Understanding Candlestick Charts in Forex

If you've ever looked at a forex chart, you've almost certainly encountered candlestick charts. Developed in 18th-century Japan to track rice prices, candlestick charting remains the most widely used form of price visualisation in forex trading today. Learning to read them is a non-negotiable foundational skill.

The Anatomy of a Single Candlestick

Each candle on a chart represents price activity over a defined time period — whether that's 1 minute, 1 hour, or 1 day. Every candle contains four critical pieces of information:

  • Open: The price at which the period began
  • Close: The price at which the period ended
  • High: The highest price reached during the period
  • Low: The lowest price reached during the period

The thick rectangular body of the candle spans from open to close. The thin lines extending above and below — called wicks or shadows — show the high and low. A green (or white) candle means price closed higher than it opened (bullish). A red (or black) candle means price closed lower than it opened (bearish).

What Candle Shape Tells You

Beyond colour, the shape of a candle communicates the balance of power between buyers and sellers:

  • Long body, short wicks: Strong conviction in one direction — buyers or sellers dominated.
  • Small body, long wicks: Indecision — price moved significantly but returned near the open.
  • Doji (tiny or no body): Open and close are nearly equal — a signal of potential reversal or consolidation.
  • Long upper wick, small body at bottom: Buyers tried to push higher but were rejected — bearish signal.
  • Long lower wick, small body at top: Sellers pushed lower but were rejected — bullish signal (often called a "hammer").

Key Candlestick Patterns to Know

Single-Candle Patterns

  • Hammer: Long lower wick after a downtrend — potential bullish reversal.
  • Shooting Star: Long upper wick after an uptrend — potential bearish reversal.
  • Doji: Signals indecision; more powerful when it appears at key support/resistance levels.

Two-Candle Patterns

  • Bullish Engulfing: A large green candle completely engulfs the prior red candle — strong bullish reversal signal.
  • Bearish Engulfing: The opposite — a large red candle engulfs the prior green candle.

Three-Candle Patterns

  • Morning Star: Downtrend, small indecision candle, then strong bullish candle — reversal signal.
  • Evening Star: The bearish equivalent of the Morning Star.
  • Three White Soldiers / Three Black Crows: Three consecutive strong candles in one direction — continuation signals.

Context Is Everything

Candlestick patterns are most reliable when they appear at key levels — such as significant support, resistance, Fibonacci retracement levels, or moving averages. A hammer forming in the middle of open space is far less meaningful than one forming right at a major support level that price has respected multiple times.

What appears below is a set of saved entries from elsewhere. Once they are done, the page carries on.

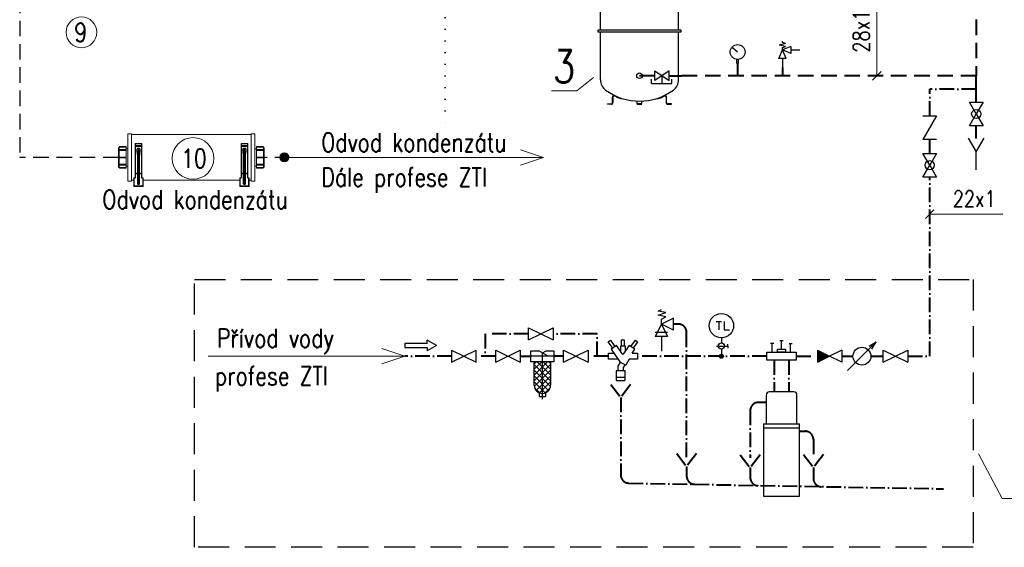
# Model space of a CAD drawing. Header units: millimetres. Extents: x -1200 to 89261, y -18765 to 52904.
# Tile 2 of 20: x 28261 to 40364, y -12850 to -6370. Entities that reach past the tile are written whole.
import ezdxf

# ---------------------------------------------------------------- set-up
doc = ezdxf.new("R2010")
doc.units = ezdxf.units.MM
doc.header["$LTSCALE"] = 15
for name, pattern in [('ACAD_ISO10W100', [18, 12, -3, 0, -3]), ('DASHED', [19.05, 12.7, -6.35]), ('DOT_CENTER', [14, 12, -1, 0, -1]), ('TEČKOVANÁ2', [3.175, 0, -3.175]), ('ČÁRKOVANÁ', [19.05, 12.7, -6.35])]:
    doc.linetypes.add(name, pattern=pattern)
for name, color, linetype in [('T_armatury', 7, 'Continuous'), ('T_odvod_kondenzatu', 4, 'ČÁRKOVANÁ'), ('T_regulace', 40, 'TEČKOVANÁ2'), ('T_zarizeni', 4, 'Continuous')]:
    doc.layers.add(name, color=color, linetype=linetype)
for name, color, linetype, lineweight in [('T_potrubi_privodni', 1, 'Continuous', 40), ('T_potrubi_zpetne', 5, 'DASHED', 40), ('T_text', 3, 'Continuous', 18)]:
    doc.layers.add(name, color=color, linetype=linetype, lineweight=lineweight)
doc.styles.add('EP', font='romans.shx', dxfattribs={"width": 0.8})
doc.styles.get("Standard").update_dxf_attribs({"font": 'romans.shx', "width": 0.8})

# ---------------------------------------------------------------- blocks, each defined once
blk = doc.blocks.new('Z$W@#3992')
for p, q in [((30.1, 105.5), (1.9, 98.5)), ((30.1, 91.5), (1.9, 98.5)), ((16, 109), (16, 115.9)), ((30.1, 105.5), (16, 109)), ((52.7, 92.7), (16, 76.7)), ((16, 88), (30.1, 91.5)), ((16, 76.7), (16, 88)), ((52.7, 92.7), (52.7, 60.7)), ((0, 40), (16, 76.7)), ((52.7, 60.7), (16, 76.7)), ((32, 40), (16, 76.7)), ((52.7, 76.7), (92.7, 76.7)), ((32, 40), (0, 40)), ((16, 40), (16, 0))]:
    blk.add_line(p, q)
blk = doc.blocks.new('A$Cd7a3616a')
at = {"layer": 'T_zarizeni', "linetype": 'ByBlock', "extrusion": (0, 1, 0)}
for p, q in [((-59.4, 259.4), (-59.4, 267.4)), ((-49.9, 267.9), (-58.9, 267.9)), ((-58.9, 258.9), (-49.9, 258.9)), ((-49.4, 259.4), (-49.4, 267.4)), ((-219.6, -610.6), (-219.6, -576.6)), ((-217.6, -576.6), (-217.6, -610.6)), ((-167.3, -586.8), (-166.2, -583.5)), ((-69.4, -620.6), (-69.4, -601.3)), ((-39.4, -620.6), (-39.4, -601.3)), ((58.6, -586.8), (57.5, -583.5)), ((108.9, -576.6), (108.9, -610.6)), ((110.9, -610.6), (110.9, -576.6)), ((-251.9, -618.6), (-236.9, -618.6)), ((-251.9, -620.6), (-251.9, -618.6)), ((-236.9, -620.6), (-251.9, -620.6)), ((-236.9, -618.6), (-227.7, -618.6)), ((-227.7, -620.6), (-236.9, -620.6)), ((-39.4, -618.6), (-69.4, -618.6)), ((-69.4, -620.6), (-39.4, -620.6)), ((128.1, -618.6), (119, -618.6)), ((119, -620.6), (128.1, -620.6)), ((143.1, -618.6), (128.1, -618.6)), ((128.1, -620.6), (143.1, -620.6)), ((143.1, -620.6), (143.1, -618.6))]:
    blk.add_line(p, q, dxfattribs=at)
at = {"layer": 'T_zarizeni', "linetype": 'ByBlock'}
for p, q in [((-294.4, -166.6), (-294.4, 128.6)), ((185.6, -166.6), (185.6, 128.6)), ((-294.4, -471.8), (-294.4, -176.6)), ((185.6, -471.8), (185.6, -176.6))]:
    blk.add_line(p, q, dxfattribs=at)
blk.add_lwpolyline([(-305.4, -176.6), (196.6, -176.6, 0.414214), (201.6, -174.1), (201.6, -169.1, 0.414214), (196.6, -166.6), (-305.4, -166.6, 0.414214), (-310.4, -169.1), (-310.4, -174.1, 0.414214)], format="xyb", close=True, dxfattribs=at)
blk.add_circle((-54.4, -445.6), 16.9, dxfattribs=at)
for centre, radius, start, end in [((-54.4, -95.6), 354, 53.90051, 126.09949), ((-58.9, 267.4), 0.5, 90, 180), ((-58.9, 259.4), 0.5, 180, 270), ((-57.9, 258.4), 0.5, 0, 90), ((-54.4, 267.9), 1.5, 0, 180), ((-50.9, 258.4), 0.5, 90, 180), ((-49.9, 267.4), 0.5, 0, 90), ((-49.9, 259.4), 0.5, 270, 0), ((-217.9, 128.6), 76.5, 126.09949, 180), ((109.1, 128.6), 76.5, 359.83696, 53.90025), ((-217.9, -471.8), 76.5, 179.83696, 233.90025), ((109.1, -471.8), 76.5, 306.09949, 0), ((-54.4, -247.6), 354, 233.90051, 306.09949), ((-209.7, -576.7), 9.93, 68.32973, 179.4855), ((-209.9, -576.6), 7.75, 83.63509, 180), ((-69.2, -300.5), 302.6, 242.48892, 251.08085), ((-39.5, -300.5), 302.6, 288.91915, 297.51108), ((101, -576.7), 9.93, 0.5145, 111.67027), ((101.1, -576.6), 7.75, 0, 96.36491), ((-227.6, -610.6), 8.02, 269.83911, 359.84973), ((-227.6, -610.6), 10, 269.83982, 359.85318), ((118.9, -610.6), 10, 180.14682, 270.16018), ((118.9, -610.6), 8.02, 180.15027, 270.16089)]:
    blk.add_arc(centre, radius, start, end, dxfattribs=at)
blk = doc.blocks.new('A$C076576a1')
at = {"layer": 'T_zarizeni', "linetype": 'Continuous', "lineweight": 15}
for p, q in [((-485.8, 134.6), (-485.8, 226.6)), ((-462.8, 226.6), (-485.8, 226.6)), ((-462.8, 222), (-462.8, 226.6)), ((-462.8, -58.6), (-462.8, 222)), ((273.2, 222), (-462.8, 222)), ((273.2, 226.6), (273.2, 222)), ((273.2, 226.6), (296.2, 226.6)), ((273.2, 222), (273.2, -58.6)), ((296.2, 226.6), (296.2, 134.6)), ((-542.1, 139.2), (-537.5, 143.8)), ((-542.1, 24.2), (-542.1, 139.2)), ((-536.4, 143.8), (-537.5, 143.8)), ((-537.5, 19.6), (-537.5, 143.8)), ((-536.4, 147.4), (-536.4, 148.5)), ((-495, 148.5), (-536.4, 148.5)), ((-536.4, 147.4), (-495, 147.4)), ((-536.4, 143.8), (-536.4, 147.4)), ((-536.4, 143.7), (-536.4, 143.8)), ((-495, 143.7), (-536.4, 143.7)), ((-495, 129.4), (-536.4, 129.4)), ((-536.4, 127.2), (-536.4, 129.4)), ((-536.4, 123.8), (-536.4, 127.2)), ((-536.4, 127.2), (-495, 127.2)), ((-495, 123.8), (-536.4, 123.8)), ((-495, 147.4), (-495, 148.5)), ((-495, 143.7), (-495, 147.4)), ((-495, 129.4), (-495, 143.7)), ((-485.8, 134.6), (-495, 134.6)), ((-495, 127.2), (-495, 129.4)), ((-495, 123.8), (-495, 127.2)), ((-495, 86.3), (-495, 123.8)), ((-485.8, 28.8), (-485.8, 134.6)), ((-439.2, 156.4), (-439.2, 165.6)), ((-439.2, 154.1), (-439.2, 156.4)), ((-439.2, 156.4), (-436.9, 156.4)), ((-439.2, 151.8), (-439.2, 154.1)), ((-439.2, 154.1), (-436.9, 154.1)), ((-439.2, 151.8), (-439.2, -14.5)), ((-436.9, 156.4), (-436.9, 167.9)), ((-401.2, 167.9), (-436.9, 167.9)), ((-436.9, 154.1), (-436.9, 156.4)), ((-401.2, 156.4), (-436.9, 156.4)), ((-436.9, 149.5), (-436.9, 154.1)), ((-401.2, 154.1), (-436.9, 154.1)), ((-436.9, -15.9), (-436.9, 149.5)), ((-401.2, 149.5), (-436.9, 149.5)), ((-421.4, 138.1), (-416.8, 138.1)), ((-421.4, 138), (-421.4, -82.4)), ((-421.4, 138), (-416.8, 138)), ((-416.8, 138), (-416.8, -82.4)), ((-401.2, 156.4), (-401.2, 167.9)), ((-401.2, 156.4), (-401.2, 154.1)), ((-401.2, 156.4), (-398.9, 156.4)), ((-401.2, 149.5), (-401.2, 154.1)), ((-398.9, 154.1), (-401.2, 154.1)), ((-401.2, -15.9), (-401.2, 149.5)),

Practical Tips for Beginners

  1. Start with the daily (D1) timeframe — patterns are cleaner and more reliable.
  2. Always confirm a pattern with the next candle before entering a trade.
  3. Use candlestick signals alongside other tools like RSI, MACD, or moving averages.
  4. Keep a trading journal to track which patterns work best on your preferred pairs.

Conclusion

Candlestick charts give you a window into market psychology. By learning to decode what buyers and sellers are doing within each candle, you build a much richer understanding of price action — and that is the bedrock of any solid forex analysis approach.